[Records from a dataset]
--------------------------------------------------
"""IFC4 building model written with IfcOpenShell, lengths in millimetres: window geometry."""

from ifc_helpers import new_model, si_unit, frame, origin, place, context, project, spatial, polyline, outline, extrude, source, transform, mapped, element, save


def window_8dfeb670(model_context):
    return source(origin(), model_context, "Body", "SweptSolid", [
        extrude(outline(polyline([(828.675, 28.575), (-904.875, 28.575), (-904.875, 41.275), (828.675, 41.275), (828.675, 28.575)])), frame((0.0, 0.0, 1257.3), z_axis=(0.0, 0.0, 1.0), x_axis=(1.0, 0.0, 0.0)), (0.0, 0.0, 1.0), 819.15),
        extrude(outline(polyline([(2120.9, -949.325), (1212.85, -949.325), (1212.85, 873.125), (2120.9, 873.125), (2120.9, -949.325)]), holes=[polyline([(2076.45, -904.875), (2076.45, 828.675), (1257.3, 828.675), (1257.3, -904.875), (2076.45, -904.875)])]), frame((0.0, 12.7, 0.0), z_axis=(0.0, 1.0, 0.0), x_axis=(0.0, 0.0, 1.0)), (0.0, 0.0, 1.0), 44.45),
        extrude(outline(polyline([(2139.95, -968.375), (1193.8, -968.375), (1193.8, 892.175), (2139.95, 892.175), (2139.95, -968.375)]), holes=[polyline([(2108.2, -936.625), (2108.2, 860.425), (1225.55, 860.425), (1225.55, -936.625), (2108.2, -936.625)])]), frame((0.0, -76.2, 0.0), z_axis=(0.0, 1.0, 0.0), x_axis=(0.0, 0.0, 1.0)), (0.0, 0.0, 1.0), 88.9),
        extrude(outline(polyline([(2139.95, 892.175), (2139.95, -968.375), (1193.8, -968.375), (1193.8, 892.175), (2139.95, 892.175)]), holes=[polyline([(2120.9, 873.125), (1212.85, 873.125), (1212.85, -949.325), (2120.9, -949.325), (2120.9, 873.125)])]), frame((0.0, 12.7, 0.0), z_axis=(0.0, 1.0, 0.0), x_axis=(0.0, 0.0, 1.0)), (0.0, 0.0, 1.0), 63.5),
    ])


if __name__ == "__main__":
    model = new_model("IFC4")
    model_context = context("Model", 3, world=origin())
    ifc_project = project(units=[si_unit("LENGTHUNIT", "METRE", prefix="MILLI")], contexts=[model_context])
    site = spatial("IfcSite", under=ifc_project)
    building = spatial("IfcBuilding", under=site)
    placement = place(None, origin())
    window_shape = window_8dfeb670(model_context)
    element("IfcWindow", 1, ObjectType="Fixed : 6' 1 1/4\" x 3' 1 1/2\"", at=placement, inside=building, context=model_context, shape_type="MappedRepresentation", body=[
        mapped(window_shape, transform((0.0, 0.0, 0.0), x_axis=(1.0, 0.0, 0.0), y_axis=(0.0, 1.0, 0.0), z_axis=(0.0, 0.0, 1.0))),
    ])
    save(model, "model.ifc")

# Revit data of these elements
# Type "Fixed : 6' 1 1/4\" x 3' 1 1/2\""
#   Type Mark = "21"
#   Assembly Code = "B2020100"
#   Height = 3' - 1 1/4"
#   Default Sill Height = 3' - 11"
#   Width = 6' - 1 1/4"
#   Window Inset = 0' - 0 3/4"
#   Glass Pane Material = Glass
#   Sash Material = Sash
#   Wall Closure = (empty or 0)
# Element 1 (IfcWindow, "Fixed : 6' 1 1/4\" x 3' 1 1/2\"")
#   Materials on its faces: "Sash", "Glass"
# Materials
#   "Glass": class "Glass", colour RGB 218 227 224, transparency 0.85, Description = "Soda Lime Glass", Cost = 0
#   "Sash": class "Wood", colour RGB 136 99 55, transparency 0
--------------------------------------------------
**YOUR ASSIGNMENT**
Your reply should consist of all the records, set down exactly.

**COMPLETED TASK**
"""IFC4 building model written with IfcOpenShell, lengths in millimetres: window geometry."""

from ifc_helpers import new_model, si_unit, frame, origin, place, context, project, spatial, polyline, outline, extrude, source, transform, mapped, element, save


def window_8dfeb670(model_context):
    return source(origin(), model_context, "Body", "SweptSolid", [
        extrude(outline(polyline([(828.675, 28.575), (-904.875, 28.575), (-904.875, 41.275), (828.675, 41.275), (828.675, 28.575)])), frame((0.0, 0.0, 1257.3), z_axis=(0.0, 0.0, 1.0), x_axis=(1.0, 0.0, 0.0)), (0.0, 0.0, 1.0), 819.15),
        extrude(outline(polyline([(2120.9, -949.325), (1212.85, -949.325), (1212.85, 873.125), (2120.9, 873.125), (2120.9, -949.325)]), holes=[polyline([(2076.45, -904.875), (2076.45, 828.675), (1257.3, 828.675), (1257.3, -904.875), (2076.45, -904.875)])]), frame((0.0, 12.7, 0.0), z_axis=(0.0, 1.0, 0.0), x_axis=(0.0, 0.0, 1.0)), (0.0, 0.0, 1.0), 44.45),
        extrude(outline(polyline([(2139.95, -968.375), (1193.8, -968.375), (1193.8, 892.175), (2139.95, 892.175), (2139.95, -968.375)]), holes=[polyline([(2108.2, -936.625), (2108.2, 860.425), (1225.55, 860.425), (1225.55, -936.625), (2108.2, -936.625)])]), frame((0.0, -76.2, 0.0), z_axis=(0.0, 1.0, 0.0), x_axis=(0.0, 0.0, 1.0)), (0.0, 0.0, 1.0), 88.9),
        extrude(outline(polyline([(2139.95, 892.175), (2139.95, -968.375), (1193.8, -968.375), (1193.8, 892.175), (2139.95, 892.175)]), holes=[polyline([(2120.9, 873.125), (1212.85, 873.125), (1212.85, -949.325), (2120.9, -949.325), (2120.9, 873.125)])]), frame((0.0, 12.7, 0.0), z_axis=(0.0, 1.0, 0.0), x_axis=(0.0, 0.0, 1.0)), (0.0, 0.0, 1.0), 63.5),
    ])


if __name__ == "__main__":
    model = new_model("IFC4")
    model_context = context("Model", 3, world=origin())
    ifc_project = project(units=[si_unit("LENGTHUNIT", "METRE", prefix="MILLI")], contexts=[model_context])
    site = spatial("IfcSite", under=ifc_project)
    building = spatial("IfcBuilding", under=site)
    placement = place(None, origin())
    window_shape = window_8dfeb670(model_context)
    element("IfcWindow", 1, ObjectType="Fixed : 6' 1 1/4\" x 3' 1 1/2\"", at=placement, inside=building, context=model_context, shape_type="MappedRepresentation", body=[
        mapped(window_shape, transform((0.0, 0.0, 0.0), x_axis=(1.0, 0.0, 0.0), y_axis=(0.0, 1.0, 0.0), z_axis=(0.0, 0.0, 1.0))),
    ])
    save(model, "model.ifc")

# Revit data of these elements
# Type "Fixed : 6' 1 1/4\" x 3' 1 1/2\""
#   Type Mark = "21"
#   Assembly Code = "B2020100"
#   Height = 3' - 1 1/4"
#   Default Sill Height = 3' - 11"
#   Width = 6' - 1 1/4"
#   Window Inset = 0' - 0 3/4"
#   Glass Pane Material = Glass
#   Sash Material = Sash
#   Wall Closure = (empty or 0)
# Element 1 (IfcWindow, "Fixed : 6' 1 1/4\" x 3' 1 1/2\"")
#   Materials on its faces: "Sash", "Glass"
# Materials
#   "Glass": class "Glass", colour RGB 218 227 224, transparency 0.85, Description = "Soda Lime Glass", Cost = 0
#   "Sash": class "Wood", colour RGB 136 99 55, transparency 0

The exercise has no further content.